National debt relief is worth it

ECB Debt Relief: No First Strike Strategy; at most an emergency solution

Since the outbreak of the Covid-19 crisis, a debate has arisen over whether we should write off the national debt with the central banks. Despite its technical feasibility, debt relief is not the first thing that is worth fighting for.

This is a German translation by Marc Beckmann of an article originally published in English 🇬🇧 on December 17th 2020. (A 🇫🇷French and Italian translations of this article are also available.)

Since the beginning of the pandemic, a number of economic taboos have been broken - starting with the suspension of fiscal rules and the massive expansion of the ECB's balance sheet. Even more creativity will be needed to overcome the economic damage caused by the Covid-19 recession and its aftermath.

At the beginning of February, over a hundred economists demanded that the European Central Bank should cancel the 2.8 trillion euros in national debt that it holds as a result of its massive bond purchase programs. The economists argued that this would avoid austerity measures and would enable euro area countries to invest an equivalent amount of money in long-term, sustainable investments.

At first glance, the suggestion makes sense. The central banks in the euro zone currently hold around € 2,800 billion in government debt, which is around 30% of the national debt in the euro zone. In practice, the national central banks hold their country's debt, while only a small part (10 to 12%) is held on the ECB's balance sheet itself.

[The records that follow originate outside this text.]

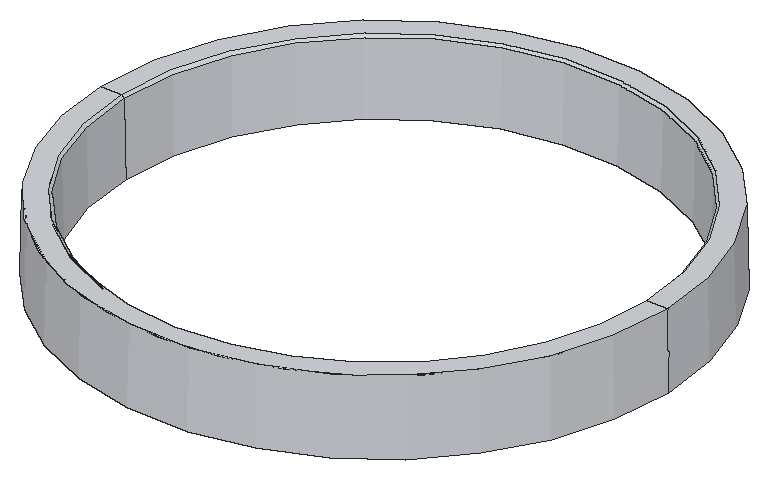
Revit family "Кольцо 2000х290 без замка КС 20.3", category Обобщенные модели, Revit 2023
Family settings
  Может служить основой для арматурных стержней = Нет
  Размер круглого соединителя = Использовать диаметр
  Тип детали = Нормальный
  На основе рабочей плоскости = Нет
  Всегда вертикально = Да
  При загрузке вырезать с полостями = Нет
  Сохранять ориентацию аннотаций = Нет
  Общий = Нет
  Точка принадлежности помещению = Нет
Parameters (values of type "Кольцо 2000х290 без замка КС 20.3")
  фаска = 10 mm
  толщ_на_h2_расч = (t1 - t2) / 2 * (h1 + h2) / ADSK_Размер_Высота + 10 mm  # 21.638 mm
  толщ_на_h1_расч = (t1 - t2) / 2 * h1 / ADSK_Размер_Высота + 10 mm  # 16.379 mm
  сужение_низ = 5 mm
  вырез2 = no
  вырез1 = no
  Отметка по умолчанию = 0 mm
  t2 = 90 mm
  t1 = 100 mm
  h2 = 305 mm
  h1 = 370 mm
  ADSK_Размер_Диаметр = 2020 mm
  ADSK_Размер_Высота = 290 mm
  ADSK_Масса = 466
Reference planes
  plane 1 "По центру (Вперед/Назад)": y = 0
  plane 2: z = 0
  plane 3 "По центру (Влево/Вправо)": x = 0
  plane 4: x = 1010
  plane 5: x = -1010
  plane 6: y = 1010
  plane 7: y = -1010
  plane 8: z = 290
  plane 9: x = -1105
  plane 10: x = 1105
  plane 11: y = 1105
  plane 12: y = -1105
  plane 13: y = 1100
  plane 14: y = -1100
  plane 15: x = -1100
  plane 16: x = 1100
  plane 17: z = 370
  plane 18: z = 675
  plane 19: y = 1005
  plane 20: y = -1005
  plane 21: x = -1005
  plane 22: x = 1005
  plane 23: x = -1083.362
  plane 24: x = -1088.621
  plane 25: x = 1083.362
  plane 26: x = 1088.621
  plane 27: x = -1020
  plane 28: z = 280
Forms (mm)
  Revolve 1, solid
    sketch origin (0, 0, 0) x (1, 0, 0) y (0, 0, 1)
      loop
        line (-1105, 0) -> (-1005, 0) -> (-1010, 280) -> (-1020, 290) -> (-1100, 290) -> (-1105, 0)
      axis (0, 290) -> (0, 0)
    angle from 0 to 360
Dimensions and locks
  equal spacing: plane 5, plane 3 "По центру (Влево/Вправо)", plane 4
  equal spacing: plane 7, plane 1 "По центру (Вперед/Назад)", plane 6
  "ADSK_Размер_Диаметр": plane 5 to plane 4
  "ADSK_Размер_Диаметр": plane 7 to plane 6
  "t1": plane 9 to plane 21
  "t1": plane 22 to plane 10
  "t2": plane 6 to plane 13
  "t2": plane 14 to plane 7
  "t2": plane 15 to plane 5
  "t2": plane 4 to plane 16
  "h1": plane 17 to level
  "h2": plane 18 to plane 17
  "ADSK_Размер_Высота": plane 8 to level
  "сужение_низ": plane 5 to plane 21
  "сужение_низ": plane 22 to plane 4
  "сужение_низ": plane 19 to plane 6
  "сужение_низ": plane 7 to plane 20
  "t1": plane 12 to plane 20
  "t1": plane 19 to plane 11
  "толщ_на_h2_расч": plane 23 to plane 9
  "толщ_на_h1_расч": plane 24 to plane 9
  "толщ_на_h2_расч": plane 10 to plane 25
  "толщ_на_h1_расч": plane 10 to plane 26
  "фаска": plane 8 to plane 28
  "фаска": plane 5 to plane 27
  aligned and locked: level to plane 2
Automatic sketch dimensions
  Revolve 1 sketch curve to level = 0 mm
  Revolve 1 sketch curve to plane 9 = 0 mm
  Revolve 1 sketch curve to plane 8 = 0 mm
  Revolve 1 sketch curve to plane 15 = 0 mm
  Revolve 1 sketch curve to plane 27 = 0 mm
  Revolve 1 sketch curve to plane 5 = 0 mm
  Revolve 1 sketch curve to plane 21 = 0 mm
  Revolve 1 sketch curve to plane 28 = 0 mm

Proportion of public debt owned by central banks

Since central banks are typically owned by their states, they redistribute a large portion of the profits from this national debt to their governments through their usual dividend distributions. So when a country pays back to the ECB, a good portion of the money comes back as a central bank dividend.

In other words, we owe 30% of our national debt to ourselves. So we might as well write off this debt. In this way, governments would see a nominal decline in their public debt and would therefore have more budgetary leeway to increase public spending rather than get caught in a deadly spiral of austerity.

However, not everyone likes the idea, as several high-ranking ECB representatives, including Christine Lagarde, Fabio Panetta and the French central bank president François Villeroy de Galhau, have clearly spoken out against the proposal.

Positive Money Europe has followed this debate closely. In this article we want to explain why the proposal, while technically feasible, has many legal and political complications. After a thorough strategy analysis, we decided to shift our current focus to other proposals.

Debt relief is technically feasible

First of all, however, we would like to say loud and clear that we fully support the technical side of the proposal.

It is crucial to understand that the proposed debt relief specifically targets the 25% of public debt owned by central banks, rather than the debt held by private investors and savers. So it is a very different type of debt relief from the one granted to Greece or Argentina a few years ago.

In other words, the pensioners would not suffer from this proposal. Only the central bank's balance sheet would suffer. The question that now arises is what this means for the central bank.

Critics often argue that if central banks agreed to cancel sovereign debt, they would suffer such a loss that they would quickly go bankrupt and need a taxpayer's money bailout.

However, this objection is not really convincing. As Christine Lagarde recently pointed out, the ECB “cannot go bankrupt or run out of money”. There is an obvious reason for this: the institution that has the power to create money cannot, by definition, have a dire lack of money. Even with negative equity, a central bank can still be fully functional.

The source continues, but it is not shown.